Question

Solve the following expression $\sin mx+\sin nx=0$

Answer 1

Hint: We will first simplify the given expression $\sin mx+\sin nx=0$ using the formula $\sin A+\sin B=2\sin \left( \dfrac{A+B}{2} \right)\cos \left( \dfrac{A-B}{2} \right)$ and then we will solve both the factors separately to get two values of x.

Complete step-by-step answer:
The expression mentioned in the question is $\sin mx+\sin nx=0.........(1)$
Now we know the formula $\sin A+\sin B=2\sin \left( \dfrac{A+B}{2} \right)\cos \left( \dfrac{A-B}{2} \right)$ and hence applying this in equation (1) we get,
$\Rightarrow 2\sin \left( \left( \dfrac{m+n}{2} \right)x \right)\cos \left( \left( \dfrac{m-n}{2} \right)x \right)=0........(2)$
Now separating the terms and equating it to 0 in equation (2) we get,
$\Rightarrow \sin \left( \left( \dfrac{m+n}{2} \right)x \right)=0.......(3)$ and $\cos \left( \left( \dfrac{m-n}{2} \right)x \right)=0.......(4)$
Now we can write 0 in the right hand side of equation (3) as sin 0 and hence we get,
$\Rightarrow \sin \left( \left( \dfrac{m+n}{2} \right)x \right)=\sin 0.......(5)$
Now we know the general formula when $\sin \theta =\sin \alpha$ and it implies $\theta =n\pi +{{(-1)}^{n}}\alpha$. So applying this in equation (5) we get,
$\Rightarrow (m+n)\dfrac{x}{2}=n\pi .......(6)$
Now rearranging and solving for x in equation (6) we get,
$\Rightarrow x=\dfrac{2n\pi }{m+n}.....(7)$
Now solving equation (4) to find the other value of x and substituting $\cos \dfrac{\pi }{2}$ in place of 0 we get,
$\Rightarrow \cos \left( \left( \dfrac{m-n}{2} \right)x \right)=\cos \dfrac{\pi }{2}.......(8)$
Now we know the general formula when $\cos \theta =\cos \alpha$ and it implies $\theta =2n\pi \pm \alpha$. So applying this in equation (8) we get,
$\Rightarrow (m-n)\dfrac{x}{2}=(2n+1)\dfrac{\pi }{2}.......(9)$
Now rearranging and solving for x in equation (9) we get,
$\Rightarrow x=\dfrac{(2n+1)\pi }{m-n}.......(10)$
Hence from equation (7) and equation (10) we get two values of x which are $x=\dfrac{2n\pi }{m+n}$ and $x=\dfrac{(2n+1)\pi }{m-n}$.
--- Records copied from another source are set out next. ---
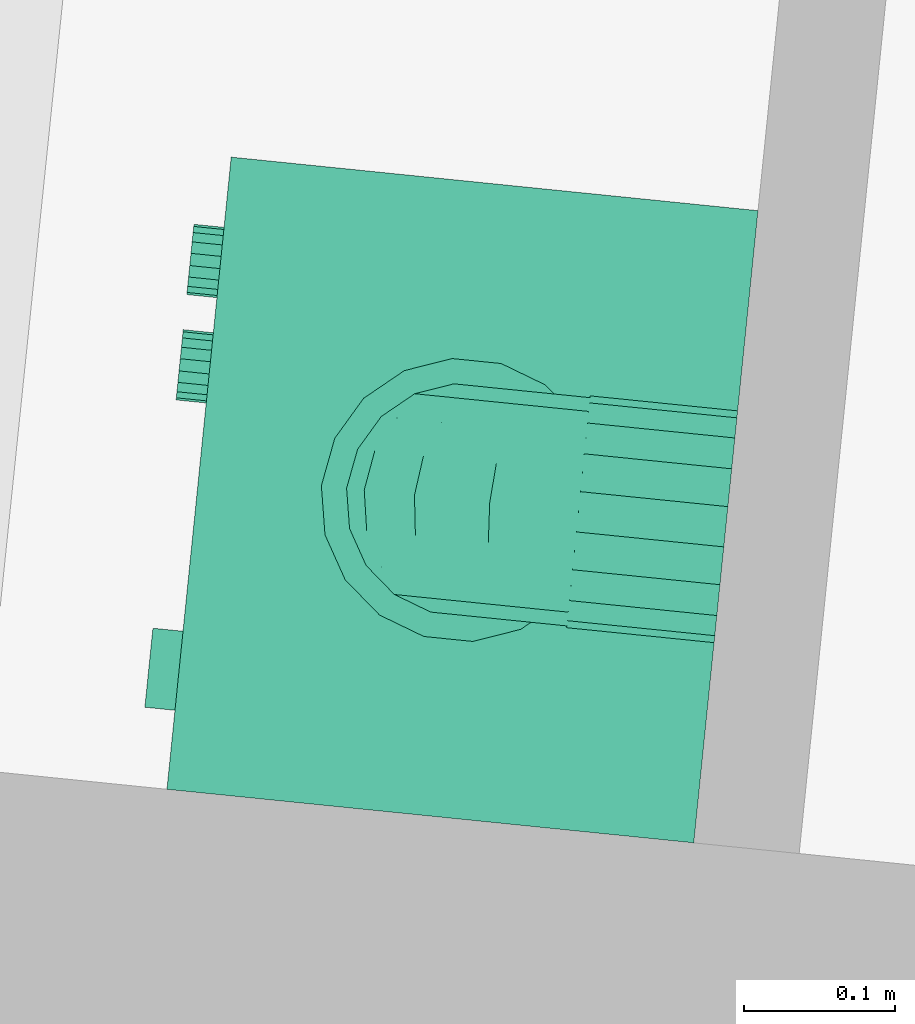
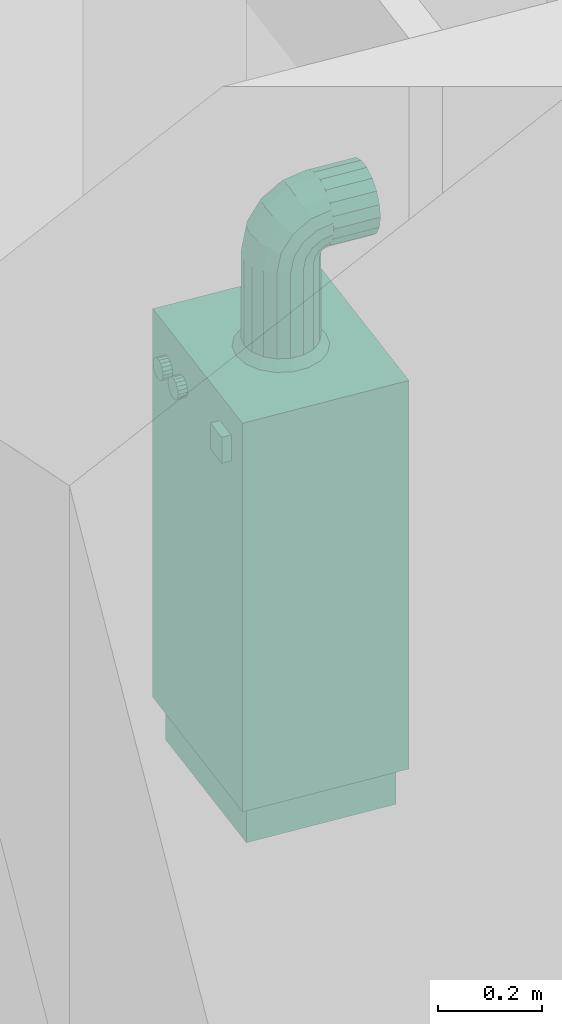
# One storey, part 127 of 171: 1 distribution element.
"""IFC2X3 building model written with IfcOpenShell, lengths in millimetres."""

from ifc_helpers import new_model, entity, si_unit, converted_unit, derived_unit, money_unit, direction, frame, origin_with_axes, place, context, subcontext, project, spatial, open_shell, faceted_brep, surface_model, source, transform, mapped, type_object, element, save


model = new_model("IFC2X3")

# Units and contexts
model_context = context("Model", 3, precision=0.01, world=origin_with_axes(), true_north=direction((0.0, 1.0)))
body_context = subcontext(model_context, "Body", "Model", "MODEL_VIEW")
ifc_project = project(units=[si_unit("LENGTHUNIT", "METRE", prefix="MILLI"), si_unit("AREAUNIT", "SQUARE_METRE"), si_unit("VOLUMEUNIT", "CUBIC_METRE"), converted_unit("PLANEANGLEUNIT", "DEGREE", entity("IfcPlaneAngleMeasure", 0.0174532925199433), si_unit("PLANEANGLEUNIT", "RADIAN"), dimensions=[0, 0, 0, 0, 0, 0, 0]), money_unit("USD"), converted_unit("TIMEUNIT", "Year", entity("IfcTimeMeasure", 31557600.0), si_unit("TIMEUNIT", "SECOND"), dimensions=[0, 0, 1, 0, 0, 0, 0]), si_unit("MASSUNIT", "GRAM", prefix="KILO"), si_unit("THERMODYNAMICTEMPERATUREUNIT", "DEGREE_CELSIUS"), si_unit("LUMINOUSINTENSITYUNIT", "LUMEN"), si_unit("ENERGYUNIT", "JOULE", prefix="MEGA"), derived_unit("THERMALCONDUCTANCEUNIT", [(si_unit("POWERUNIT", "WATT"), 1), (si_unit("LENGTHUNIT", "METRE"), -1), (si_unit("THERMODYNAMICTEMPERATUREUNIT", "KELVIN"), -1)]), derived_unit("SPECIFICHEATCAPACITYUNIT", [(si_unit("ENERGYUNIT", "JOULE"), 1), (si_unit("MASSUNIT", "GRAM", prefix="KILO"), -1), (si_unit("THERMODYNAMICTEMPERATUREUNIT", "KELVIN"), -1)]), derived_unit("MASSDENSITYUNIT", [(si_unit("MASSUNIT", "GRAM", prefix="KILO"), 1), (si_unit("VOLUMEUNIT", "CUBIC_METRE"), -1)])], contexts=[model_context])

# Site, building, storey
site_placement = place(None, origin_with_axes())
site = spatial("IfcSite", under=ifc_project, at=site_placement, Name="Site", CompositionType="ELEMENT")
building_placement = place(site_placement, origin_with_axes())
building = spatial("IfcBuilding", under=site, at=building_placement, Name="Bâtiment", CompositionType="ELEMENT")
storey_placement = place(building_placement, frame((0.0, 0.0, 3000.0), z_axis=(0.0, 0.0, 1.0), x_axis=(1.0, 0.0, 0.0)))
storey = spatial("IfcBuildingStorey", under=building, at=storey_placement, Name="rdc", CompositionType="ELEMENT", Elevation=3000.0)

# Distribution element
distribution_element_type = type_object("IfcDistributionElementType", Name="Chaudière à gaz 27")
shared_shape = source(origin_with_axes(), body_context, "Body", "SurfaceModel", [
    surface_model("IfcShellBasedSurfaceModel", [(-200.0, 350.0, 34.90909090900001), (-200.0, 368.0, 34.90909090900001), (-180.0709335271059, 368.0, 37.53280228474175), (-180.0709335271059, 350.0, 37.53280228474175), (-219.9290664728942, 350.0, 37.53280228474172), (-219.9290664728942, 368.0, 37.53280228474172), (-161.5, 368.0, 45.22513481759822), (-161.5, 350.0, 45.22513481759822), (-238.5000000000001, 350.0, 45.22513481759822), (-238.5000000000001, 368.0, 45.22513481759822), (-145.5527778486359, 368.0, 57.46186875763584), (-145.5527778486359, 350.0, 57.46186875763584), (-254.4472221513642, 350.0, 57.46186875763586), (-254.4472221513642, 368.0, 57.46186875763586), (-133.3160439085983, 368.0, 73.409090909), (-133.3160439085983, 350.0, 73.409090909), (-266.6839560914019, 350.0, 73.40909090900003), (-266.6839560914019, 368.0, 73.40909090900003), (-125.6237113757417, 368.0, 91.9800244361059), (-125.6237113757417, 350.0, 91.9800244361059), (-274.3762886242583, 350.0, 91.98002443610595), (-274.3762886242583, 368.0, 91.98002443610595), (-123.0, 368.0, 111.909090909), (-123.0, 350.0, 111.909090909), (-277.0, 350.0, 111.909090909), (-277.0, 368.0, 111.909090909), (-125.6237113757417, 368.0, 131.8381573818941), (-125.6237113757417, 350.0, 131.8381573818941), (-274.3762886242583, 350.0, 131.8381573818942), (-274.3762886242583, 368.0, 131.8381573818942), (-133.3160439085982, 368.0, 150.409090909), (-133.3160439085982, 350.0, 150.409090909), (-266.6839560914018, 350.0, 150.4090909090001), (-266.6839560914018, 368.0, 150.4090909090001), (-145.5527778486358, 368.0, 166.3563130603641), (-145.5527778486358, 350.0, 166.3563130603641), (-254.4472221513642, 350.0, 166.3563130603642), (-254.4472221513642, 368.0, 166.3563130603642), (-161.5, 368.0, 178.5930470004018), (-161.5, 350.0, 178.5930470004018), (-238.5, 350.0, 178.5930470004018), (-238.5, 368.0, 178.5930470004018), (-180.0709335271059, 368.0, 186.2853795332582), (-180.0709335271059, 350.0, 186.2853795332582), (-219.929066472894, 350.0, 186.2853795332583), (-219.929066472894, 368.0, 186.2853795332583), (-200.0, 368.0, 188.909090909), (-200.0, 350.0, 188.909090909)], [open_shell([[[0, 1, 2, 3]], [[4, 5, 1, 0]], [[3, 2, 6, 7]], [[8, 9, 5, 4]], [[7, 6, 10, 11]], [[12, 13, 9, 8]], [[11, 10, 14, 15]], [[16, 17, 13, 12]], [[15, 14, 18, 19]], [[20, 21, 17, 16]], [[19, 18, 22, 23]], [[24, 25, 21, 20]], [[23, 22, 26, 27]], [[28, 29, 25, 24]], [[27, 26, 30, 31]], [[32, 33, 29, 28]], [[31, 30, 34, 35]], [[36, 37, 33, 32]], [[35, 34, 38, 39]], [[40, 41, 37, 36]], [[39, 38, 42, 43]], [[44, 45, 41, 40]], [[43, 42, 46, 47]], [[47, 46, 45, 44]]])]),
    faceted_brep([(-200.0, 368.0, 14.909090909), (-200.0, 370.0, 14.909090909), (-174.8945526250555, 370.0, 18.21428575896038), (-174.8945526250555, 368.0, 18.21428575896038), (-225.1054473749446, 368.0, 18.21428575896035), (-225.1054473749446, 370.0, 18.21428575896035), (-248.5000000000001, 370.0, 27.90462674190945), (-268.5893577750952, 370.0, 43.31973313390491), (-284.0044641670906, 370.0, 63.40909090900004), (-293.6948051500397, 370.0, 86.80364353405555), (-297.0000000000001, 370.0, 111.909090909), (-293.6948051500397, 370.0, 137.0145382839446), (-284.0044641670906, 370.0, 160.4090909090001), (-268.5893577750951, 370.0, 180.4984486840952), (-248.5, 370.0, 195.9135550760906), (-225.1054473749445, 370.0, 205.6038960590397), (-199.9999999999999, 370.0, 208.909090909), (-174.8945526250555, 370.0, 205.6038960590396), (-151.5, 370.0, 195.9135550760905), (-131.4106422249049, 370.0, 180.4984486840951), (-115.9955358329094, 370.0, 160.409090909), (-106.3051948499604, 370.0, 137.0145382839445), (-103.0, 370.0, 111.909090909), (-106.3051948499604, 370.0, 86.80364353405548), (-115.9955358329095, 370.0, 63.40909090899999), (-131.4106422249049, 370.0, 43.31973313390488), (-151.5, 370.0, 27.90462674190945), (-200.0, 370.0, 34.90909090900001), (-180.0709335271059, 370.0, 37.53280228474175), (-161.5, 370.0, 45.22513481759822), (-145.5527778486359, 370.0, 57.46186875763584), (-133.3160439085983, 370.0, 73.409090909), (-125.6237113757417, 370.0, 91.9800244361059), (-123.0, 370.0, 111.909090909), (-125.6237113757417, 370.0, 131.8381573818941), (-133.3160439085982, 370.0, 150.409090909), (-145.5527778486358, 370.0, 166.3563130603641), (-161.5, 370.0, 178.5930470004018), (-180.0709335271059, 370.0, 186.2853795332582), (-200.0, 370.0, 188.909090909), (-219.929066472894, 370.0, 186.2853795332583), (-238.5, 370.0, 178.5930470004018), (-254.4472221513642, 370.0, 166.3563130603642), (-266.6839560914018, 370.0, 150.4090909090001), (-274.3762886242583, 370.0, 131.8381573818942), (-277.0, 370.0, 111.909090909), (-274.3762886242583, 370.0, 91.98002443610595), (-266.6839560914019, 370.0, 73.40909090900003), (-254.4472221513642, 370.0, 57.46186875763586), (-238.5000000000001, 370.0, 45.22513481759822), (-219.9290664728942, 370.0, 37.53280228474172), (-151.5, 368.0, 27.90462674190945), (-131.4106422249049, 368.0, 43.31973313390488), (-115.9955358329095, 368.0, 63.40909090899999), (-106.3051948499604, 368.0, 86.80364353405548), (-103.0, 368.0, 111.909090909), (-106.3051948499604, 368.0, 137.0145382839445), (-115.9955358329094, 368.0, 160.409090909), (-131.4106422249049, 368.0, 180.4984486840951), (-151.5, 368.0, 195.9135550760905), (-174.8945526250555, 368.0, 205.6038960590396), (-199.9999999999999, 368.0, 208.909090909), (-225.1054473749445, 368.0, 205.6038960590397), (-248.5, 368.0, 195.9135550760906), (-268.5893577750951, 368.0, 180.4984486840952), (-284.0044641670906, 368.0, 160.4090909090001), (-293.6948051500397, 368.0, 137.0145382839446), (-297.0000000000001, 368.0, 111.909090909), (-293.6948051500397, 368.0, 86.80364353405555), (-284.0044641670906, 368.0, 63.40909090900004), (-268.5893577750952, 368.0, 43.31973313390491), (-248.5000000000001, 368.0, 27.90462674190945), (-200.0, 368.0, 34.90909090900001), (-219.9290664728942, 368.0, 37.53280228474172), (-238.5000000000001, 368.0, 45.22513481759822), (-254.4472221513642, 368.0, 57.46186875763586), (-266.6839560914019, 368.0, 73.40909090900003), (-274.3762886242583, 368.0, 91.98002443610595), (-277.0, 368.0, 111.909090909), (-274.3762886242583, 368.0, 131.8381573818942), (-266.6839560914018, 368.0, 150.4090909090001), (-254.4472221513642, 368.0, 166.3563130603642), (-238.5, 368.0, 178.5930470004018), (-219.929066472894, 368.0, 186.2853795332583), (-200.0, 368.0, 188.909090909), (-180.0709335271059, 368.0, 186.2853795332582), (-161.5, 368.0, 178.5930470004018), (-145.5527778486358, 368.0, 166.3563130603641), (-133.3160439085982, 368.0, 150.409090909), (-125.6237113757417, 368.0, 131.8381573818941), (-123.0, 368.0, 111.909090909), (-125.6237113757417, 368.0, 91.9800244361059), (-133.3160439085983, 368.0, 73.409090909), (-145.5527778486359, 368.0, 57.46186875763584), (-161.5, 368.0, 45.22513481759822), (-180.0709335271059, 368.0, 37.53280228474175)], [[[0, 1, 2, 3]], [[4, 5, 1, 0]], [[1, 5, 6, 7, 8, 9, 10, 11, 12, 13, 14, 15, 16, 17, 18, 19, 20, 21, 22, 23, 24, 25, 26, 2], [27, 28, 29, 30, 31, 32, 33, 34, 35, 36, 37, 38, 39, 40, 41, 42, 43, 44, 45, 46, 47, 48, 49, 50]], [[3, 2, 26, 51]], [[0, 3, 51, 52, 53, 54, 55, 56, 57, 58, 59, 60, 61, 62, 63, 64, 65, 66, 67, 68, 69, 70, 71, 4], [72, 73, 74, 75, 76, 77, 78, 79, 80, 81, 82, 83, 84, 85, 86, 87, 88, 89, 90, 91, 92, 93, 94, 95]], [[71, 6, 5, 4]], [[70, 7, 6, 71]], [[69, 8, 7, 70]], [[68, 9, 8, 69]], [[67, 10, 9, 68]], [[66, 11, 10, 67]], [[65, 12, 11, 66]], [[64, 13, 12, 65]], [[63, 14, 13, 64]], [[62, 15, 14, 63]], [[61, 16, 15, 62]], [[60, 17, 16, 61]], [[59, 18, 17, 60]], [[58, 19, 18, 59]], [[57, 20, 19, 58]], [[56, 21, 20, 57]], [[55, 22, 21, 56]], [[54, 23, 22, 55]], [[53, 24, 23, 54]], [[52, 25, 24, 53]], [[51, 26, 25, 52]], [[95, 28, 27, 72]], [[94, 29, 28, 95]], [[93, 30, 29, 94]], [[92, 31, 30, 93]], [[91, 32, 31, 92]], [[90, 33, 32, 91]], [[89, 34, 33, 90]], [[88, 35, 34, 89]], [[87, 36, 35, 88]], [[86, 37, 36, 87]], [[85, 38, 37, 86]], [[84, 39, 38, 85]], [[83, 40, 39, 84]], [[82, 41, 40, 83]], [[81, 42, 41, 82]], [[80, 43, 42, 81]], [[79, 44, 43, 80]], [[78, 45, 44, 79]], [[77, 46, 45, 78]], [[76, 47, 46, 77]], [[75, 48, 47, 76]], [[74, 49, 48, 75]], [[73, 50, 49, 74]], [[72, 27, 50, 73]]]),
    faceted_brep([(-399.0, 17.5, 0.0), (-399.0, 332.5, 0.0), (-21.0, 332.5, 0.0), (-21.0, 17.5, 0.0), (-399.0, 17.5, 90.9090909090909), (-399.0, 332.5, 90.9090909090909), (-21.0, 332.5, 90.9090909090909), (-21.0, 17.5, 90.9090909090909)], [[[0, 1, 2, 3]], [[0, 4, 5, 1]], [[1, 5, 6, 2]], [[2, 6, 7, 3]], [[3, 7, 4, 0]], [[7, 6, 5, 4]]]),
    faceted_brep([(0.0, 350.0, 90.9090909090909), (-420.0, 350.0, 90.90909090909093), (-419.9999999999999, 350.0, 1000.0), (0.0, 350.0, 1000.0), (0.0, 0.0, 90.9090909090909), (-420.0, 0.0, 90.90909090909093), (-419.9999999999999, 0.0, 818.1818181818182), (-419.9999999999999, 17.5, 818.1818181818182), (-419.9999999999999, 17.5, 1000.0), (0.0, 17.5, 1000.0), (0.0, 17.5, 818.1818181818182), (0.0, 0.0, 818.1818181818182)], [[[0, 1, 2, 3]], [[4, 5, 1, 0]], [[1, 5, 6, 7, 8, 2]], [[3, 2, 8, 9]], [[0, 3, 9, 10, 11, 4]], [[11, 6, 5, 4]], [[10, 7, 6, 11]], [[9, 8, 7, 10]]]),
    faceted_brep([(-420.0, 0.0, 818.1818181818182), (-420.0, 17.5, 818.1818181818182), (0.0, 17.5, 818.1818181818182), (0.0, 0.0, 818.1818181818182), (-420.0, 0.0, 1000.0), (-420.0, 17.5, 1000.0), (0.0, 17.5, 1000.0), (0.0, 0.0, 1000.0)], [[[0, 1, 2, 3]], [[0, 4, 5, 1]], [[1, 5, 6, 2]], [[2, 6, 7, 3]], [[3, 7, 4, 0]], [[7, 6, 5, 4]]]),
    faceted_brep([(-301.9261611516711, 0.0, 901.1104390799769), (-303.3333333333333, 0.0, 909.0909090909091), (-301.9261611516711, 0.0, 917.0713791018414), (-297.8743703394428, 0.0, 924.0892866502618), (-291.6666666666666, 0.0, 929.2981685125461), (-284.0517908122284, 0.0, 932.0697566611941), (-275.9482091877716, 0.0, 932.0697566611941), (-268.3333333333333, 0.0, 929.2981685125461), (-262.1256296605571, 0.0, 924.0892866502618), (-258.0738388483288, 0.0, 917.0713791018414), (-256.6666666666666, 0.0, 909.0909090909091), (-258.0738388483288, 0.0, 901.1104390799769), (-262.1256296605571, 0.0, 894.0925315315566), (-268.3333333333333, 0.0, 888.8836496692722), (-275.9482091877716, 0.0, 886.1120615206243), (-284.0517908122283, 0.0, 886.1120615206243), (-291.6666666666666, 0.0, 888.8836496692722), (-297.8743703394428, 0.0, 894.0925315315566), (-301.9261611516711, -19.99999999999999, 901.1104390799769), (-303.3333333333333, -19.99999999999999, 909.0909090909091), (-301.9261611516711, -19.99999999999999, 917.0713791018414), (-297.8743703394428, -19.99999999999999, 924.0892866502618), (-291.6666666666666, -19.99999999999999, 929.2981685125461), (-284.0517908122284, -19.99999999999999, 932.0697566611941), (-275.9482091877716, -19.99999999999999, 932.0697566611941), (-268.3333333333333, -19.99999999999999, 929.2981685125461), (-262.1256296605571, -19.99999999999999, 924.0892866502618), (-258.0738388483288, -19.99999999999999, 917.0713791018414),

Note: Remembering the basic trigonometry formulas is the key here. Also we should remember the general formulas $\theta =n\pi +{{(-1)}^{n}}\alpha$ when $\sin \theta =\sin \alpha$ and $\theta =2n\pi \pm \alpha$ when $\cos \theta =\cos \alpha$. We in a hurry can make a mistake in solving equation (6) and equation (9) and hence we need to be careful while doing these steps.